_WHAT IS BEING ASKED:_ Repeat exactly, and only, the lines of the entries below from the one with "for centre, radius, start, end" through the one with "msp.add_arc(centre, radius, start, end, dxfattribs=at)", both ends included.
- Opening Delimiter -
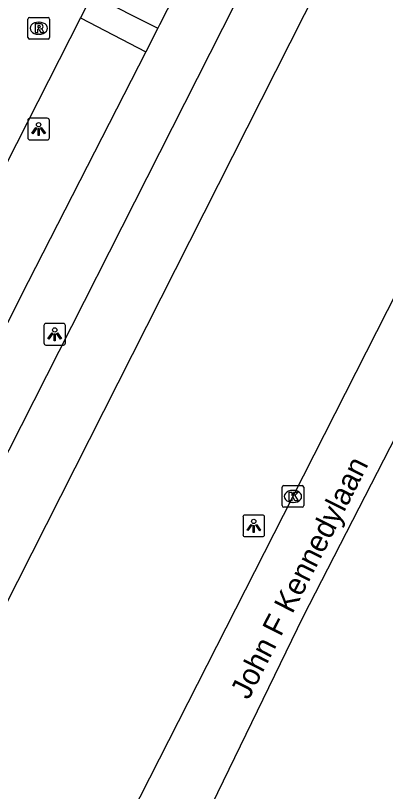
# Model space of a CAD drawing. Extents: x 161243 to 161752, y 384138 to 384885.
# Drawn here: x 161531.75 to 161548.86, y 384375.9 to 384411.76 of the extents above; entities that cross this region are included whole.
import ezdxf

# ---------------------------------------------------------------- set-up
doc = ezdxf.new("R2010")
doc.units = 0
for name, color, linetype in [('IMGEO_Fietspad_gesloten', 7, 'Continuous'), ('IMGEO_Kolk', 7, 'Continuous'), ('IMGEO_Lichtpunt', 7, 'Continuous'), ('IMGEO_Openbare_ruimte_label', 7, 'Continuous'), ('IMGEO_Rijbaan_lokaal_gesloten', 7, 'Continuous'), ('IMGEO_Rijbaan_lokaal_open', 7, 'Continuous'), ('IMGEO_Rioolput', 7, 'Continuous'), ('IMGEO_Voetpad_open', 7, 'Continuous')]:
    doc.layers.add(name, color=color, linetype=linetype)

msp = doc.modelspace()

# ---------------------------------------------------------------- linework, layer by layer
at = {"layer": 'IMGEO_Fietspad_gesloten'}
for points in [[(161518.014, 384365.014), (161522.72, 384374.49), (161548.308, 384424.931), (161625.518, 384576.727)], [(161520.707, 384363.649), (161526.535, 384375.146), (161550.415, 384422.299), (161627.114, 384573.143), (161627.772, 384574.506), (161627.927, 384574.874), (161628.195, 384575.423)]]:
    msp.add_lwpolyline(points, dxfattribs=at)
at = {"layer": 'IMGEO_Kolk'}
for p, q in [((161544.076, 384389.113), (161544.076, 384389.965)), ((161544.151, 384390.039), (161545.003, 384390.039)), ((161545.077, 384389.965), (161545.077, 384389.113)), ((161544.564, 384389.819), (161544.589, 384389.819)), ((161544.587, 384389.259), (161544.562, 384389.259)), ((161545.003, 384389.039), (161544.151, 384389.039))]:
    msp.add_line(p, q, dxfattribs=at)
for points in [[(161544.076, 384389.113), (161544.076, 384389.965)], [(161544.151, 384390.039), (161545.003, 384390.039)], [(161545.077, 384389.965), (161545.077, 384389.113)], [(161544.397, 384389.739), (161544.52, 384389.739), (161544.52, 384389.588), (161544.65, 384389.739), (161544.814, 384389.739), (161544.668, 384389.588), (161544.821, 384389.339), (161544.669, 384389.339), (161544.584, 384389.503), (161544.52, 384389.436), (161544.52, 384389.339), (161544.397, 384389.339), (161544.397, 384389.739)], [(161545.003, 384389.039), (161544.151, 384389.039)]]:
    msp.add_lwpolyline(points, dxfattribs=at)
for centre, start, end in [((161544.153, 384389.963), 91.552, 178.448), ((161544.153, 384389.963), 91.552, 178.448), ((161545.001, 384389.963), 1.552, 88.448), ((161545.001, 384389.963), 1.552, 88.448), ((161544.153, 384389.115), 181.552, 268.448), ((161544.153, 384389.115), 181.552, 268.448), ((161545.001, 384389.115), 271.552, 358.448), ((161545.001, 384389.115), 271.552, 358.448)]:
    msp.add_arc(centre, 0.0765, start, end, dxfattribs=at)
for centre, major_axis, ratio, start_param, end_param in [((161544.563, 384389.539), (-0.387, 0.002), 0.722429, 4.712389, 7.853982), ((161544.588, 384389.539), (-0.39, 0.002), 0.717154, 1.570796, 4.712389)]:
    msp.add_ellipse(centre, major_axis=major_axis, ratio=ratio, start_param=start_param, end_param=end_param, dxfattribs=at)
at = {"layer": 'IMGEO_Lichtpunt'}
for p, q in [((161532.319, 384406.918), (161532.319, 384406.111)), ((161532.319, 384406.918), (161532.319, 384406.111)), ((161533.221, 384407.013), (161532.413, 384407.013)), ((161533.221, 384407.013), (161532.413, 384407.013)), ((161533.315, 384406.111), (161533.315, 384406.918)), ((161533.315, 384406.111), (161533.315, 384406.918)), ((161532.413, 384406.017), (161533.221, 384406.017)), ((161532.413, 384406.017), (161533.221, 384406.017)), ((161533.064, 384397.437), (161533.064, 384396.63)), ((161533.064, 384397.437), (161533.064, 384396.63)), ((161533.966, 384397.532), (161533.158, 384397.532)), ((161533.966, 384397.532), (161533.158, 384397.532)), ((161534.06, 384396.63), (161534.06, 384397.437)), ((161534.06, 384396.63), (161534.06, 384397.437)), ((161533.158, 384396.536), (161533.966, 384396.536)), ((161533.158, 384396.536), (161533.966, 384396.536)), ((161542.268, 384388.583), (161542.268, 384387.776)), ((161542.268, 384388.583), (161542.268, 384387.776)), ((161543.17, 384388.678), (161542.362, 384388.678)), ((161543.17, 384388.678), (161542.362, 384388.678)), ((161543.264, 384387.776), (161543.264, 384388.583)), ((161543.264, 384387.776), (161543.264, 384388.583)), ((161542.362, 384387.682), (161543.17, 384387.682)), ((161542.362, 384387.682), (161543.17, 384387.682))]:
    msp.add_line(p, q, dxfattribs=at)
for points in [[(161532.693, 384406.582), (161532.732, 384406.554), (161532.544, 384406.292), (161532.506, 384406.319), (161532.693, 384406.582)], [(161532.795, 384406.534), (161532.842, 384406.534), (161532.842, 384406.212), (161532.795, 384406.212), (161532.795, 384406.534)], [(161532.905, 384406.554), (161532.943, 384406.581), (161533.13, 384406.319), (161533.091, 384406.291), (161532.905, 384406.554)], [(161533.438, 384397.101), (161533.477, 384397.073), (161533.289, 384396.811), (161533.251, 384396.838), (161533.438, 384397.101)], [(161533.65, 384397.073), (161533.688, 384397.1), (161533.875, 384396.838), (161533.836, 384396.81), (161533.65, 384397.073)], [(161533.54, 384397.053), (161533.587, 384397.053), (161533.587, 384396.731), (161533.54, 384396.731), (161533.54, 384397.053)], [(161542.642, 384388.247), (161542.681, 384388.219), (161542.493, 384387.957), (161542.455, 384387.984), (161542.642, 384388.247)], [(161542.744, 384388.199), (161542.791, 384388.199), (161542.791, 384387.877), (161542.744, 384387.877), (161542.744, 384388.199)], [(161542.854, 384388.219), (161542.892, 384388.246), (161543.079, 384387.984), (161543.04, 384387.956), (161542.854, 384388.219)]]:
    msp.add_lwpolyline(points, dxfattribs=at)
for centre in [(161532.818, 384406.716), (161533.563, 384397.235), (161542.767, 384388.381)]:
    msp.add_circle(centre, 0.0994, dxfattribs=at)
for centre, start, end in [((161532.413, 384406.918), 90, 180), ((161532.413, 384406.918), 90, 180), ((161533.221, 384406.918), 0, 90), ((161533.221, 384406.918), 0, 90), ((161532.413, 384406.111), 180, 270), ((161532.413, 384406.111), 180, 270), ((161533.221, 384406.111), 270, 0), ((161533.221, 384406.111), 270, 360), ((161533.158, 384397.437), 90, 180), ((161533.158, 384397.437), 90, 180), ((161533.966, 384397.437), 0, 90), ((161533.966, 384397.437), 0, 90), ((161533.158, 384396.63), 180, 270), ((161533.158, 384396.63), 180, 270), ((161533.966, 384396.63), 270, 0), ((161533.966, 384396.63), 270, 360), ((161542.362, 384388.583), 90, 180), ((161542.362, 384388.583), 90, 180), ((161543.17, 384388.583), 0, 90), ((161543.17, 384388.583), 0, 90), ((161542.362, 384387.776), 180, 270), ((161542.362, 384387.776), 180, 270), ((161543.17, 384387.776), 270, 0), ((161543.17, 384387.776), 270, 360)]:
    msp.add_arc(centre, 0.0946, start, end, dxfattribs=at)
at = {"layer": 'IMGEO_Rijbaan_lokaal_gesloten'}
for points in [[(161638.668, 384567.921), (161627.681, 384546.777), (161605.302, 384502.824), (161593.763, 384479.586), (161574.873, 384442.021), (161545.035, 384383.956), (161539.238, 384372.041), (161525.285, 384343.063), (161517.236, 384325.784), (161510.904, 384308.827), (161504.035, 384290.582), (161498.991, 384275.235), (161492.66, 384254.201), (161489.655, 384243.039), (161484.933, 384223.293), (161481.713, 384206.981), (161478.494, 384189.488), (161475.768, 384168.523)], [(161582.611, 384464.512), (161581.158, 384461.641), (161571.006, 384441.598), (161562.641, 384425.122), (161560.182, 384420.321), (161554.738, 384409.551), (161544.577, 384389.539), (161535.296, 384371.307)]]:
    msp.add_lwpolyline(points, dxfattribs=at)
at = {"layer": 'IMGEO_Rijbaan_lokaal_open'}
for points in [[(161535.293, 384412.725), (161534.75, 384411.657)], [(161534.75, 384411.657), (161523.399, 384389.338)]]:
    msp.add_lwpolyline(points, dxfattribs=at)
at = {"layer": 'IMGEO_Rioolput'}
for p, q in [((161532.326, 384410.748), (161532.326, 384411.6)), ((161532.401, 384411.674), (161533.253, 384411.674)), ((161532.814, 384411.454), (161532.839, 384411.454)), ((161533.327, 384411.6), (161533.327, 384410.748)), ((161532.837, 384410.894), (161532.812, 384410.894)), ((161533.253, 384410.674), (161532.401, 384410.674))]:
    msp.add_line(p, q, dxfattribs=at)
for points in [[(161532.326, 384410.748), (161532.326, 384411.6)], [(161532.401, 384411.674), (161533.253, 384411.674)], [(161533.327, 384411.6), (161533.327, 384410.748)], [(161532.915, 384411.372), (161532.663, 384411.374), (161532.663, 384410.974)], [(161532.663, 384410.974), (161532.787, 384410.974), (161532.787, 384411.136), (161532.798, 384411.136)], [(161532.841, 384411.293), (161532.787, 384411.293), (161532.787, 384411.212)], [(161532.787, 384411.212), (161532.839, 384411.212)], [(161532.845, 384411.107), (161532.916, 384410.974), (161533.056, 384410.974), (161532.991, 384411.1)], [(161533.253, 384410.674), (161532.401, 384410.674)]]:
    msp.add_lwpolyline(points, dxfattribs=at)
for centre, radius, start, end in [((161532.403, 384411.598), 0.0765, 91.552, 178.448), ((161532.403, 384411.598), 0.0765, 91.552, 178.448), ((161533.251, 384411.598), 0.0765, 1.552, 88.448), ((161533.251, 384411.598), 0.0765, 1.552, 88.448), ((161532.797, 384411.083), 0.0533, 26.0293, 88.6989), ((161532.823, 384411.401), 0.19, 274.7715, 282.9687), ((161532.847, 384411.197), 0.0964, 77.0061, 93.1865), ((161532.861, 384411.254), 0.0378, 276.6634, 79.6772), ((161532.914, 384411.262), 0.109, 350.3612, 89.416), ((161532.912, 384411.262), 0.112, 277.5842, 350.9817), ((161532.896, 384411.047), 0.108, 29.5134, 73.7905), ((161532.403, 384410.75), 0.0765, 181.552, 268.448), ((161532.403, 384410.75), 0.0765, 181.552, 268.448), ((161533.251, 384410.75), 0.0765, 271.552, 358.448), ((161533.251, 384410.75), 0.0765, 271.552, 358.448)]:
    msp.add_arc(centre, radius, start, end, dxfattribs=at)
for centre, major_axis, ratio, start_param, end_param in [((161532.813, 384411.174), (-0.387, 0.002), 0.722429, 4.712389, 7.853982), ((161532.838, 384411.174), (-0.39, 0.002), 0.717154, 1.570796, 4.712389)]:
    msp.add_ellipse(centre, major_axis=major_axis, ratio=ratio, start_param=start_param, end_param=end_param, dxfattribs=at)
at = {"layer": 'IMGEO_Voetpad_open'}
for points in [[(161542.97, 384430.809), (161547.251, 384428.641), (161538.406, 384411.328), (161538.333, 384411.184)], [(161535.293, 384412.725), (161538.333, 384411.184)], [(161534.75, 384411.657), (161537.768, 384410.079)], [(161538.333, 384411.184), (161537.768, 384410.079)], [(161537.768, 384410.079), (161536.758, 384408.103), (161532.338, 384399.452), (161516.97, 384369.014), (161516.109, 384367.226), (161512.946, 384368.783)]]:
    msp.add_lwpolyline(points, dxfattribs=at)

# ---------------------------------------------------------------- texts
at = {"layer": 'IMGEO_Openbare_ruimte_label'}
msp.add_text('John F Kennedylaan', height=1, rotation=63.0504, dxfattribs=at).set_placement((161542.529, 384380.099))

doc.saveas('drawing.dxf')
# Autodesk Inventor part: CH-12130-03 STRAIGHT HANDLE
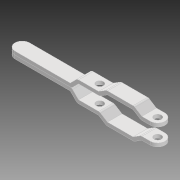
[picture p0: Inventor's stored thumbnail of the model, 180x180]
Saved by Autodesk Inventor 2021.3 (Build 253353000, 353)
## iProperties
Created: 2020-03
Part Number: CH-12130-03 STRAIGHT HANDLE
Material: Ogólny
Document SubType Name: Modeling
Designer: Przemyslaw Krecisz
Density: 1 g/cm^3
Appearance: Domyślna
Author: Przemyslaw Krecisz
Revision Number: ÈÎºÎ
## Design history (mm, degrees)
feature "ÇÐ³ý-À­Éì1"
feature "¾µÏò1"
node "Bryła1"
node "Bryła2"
- Closing Delimiter -
_FINISHED TASK:_
for centre, radius, start, end in [((161532.403, 384411.598), 0.0765, 91.552, 178.448), ((161532.403, 384411.598), 0.0765, 91.552, 178.448), ((161533.251, 384411.598), 0.0765, 1.552, 88.448), ((161533.251, 384411.598), 0.0765, 1.552, 88.448), ((161532.797, 384411.083), 0.0533, 26.0293, 88.6989), ((161532.823, 384411.401), 0.19, 274.7715, 282.9687), ((161532.847, 384411.197), 0.0964, 77.0061, 93.1865), ((161532.861, 384411.254), 0.0378, 276.6634, 79.6772), ((161532.914, 384411.262), 0.109, 350.3612, 89.416), ((161532.912, 384411.262), 0.112, 277.5842, 350.9817), ((161532.896, 384411.047), 0.108, 29.5134, 73.7905), ((161532.403, 384410.75), 0.0765, 181.552, 268.448), ((161532.403, 384410.75), 0.0765, 181.552, 268.448), ((161533.251, 384410.75), 0.0765, 271.552, 358.448), ((161533.251, 384410.75), 0.0765, 271.552, 358.448)]:
    msp.add_arc(centre, radius, start, end, dxfattribs=at)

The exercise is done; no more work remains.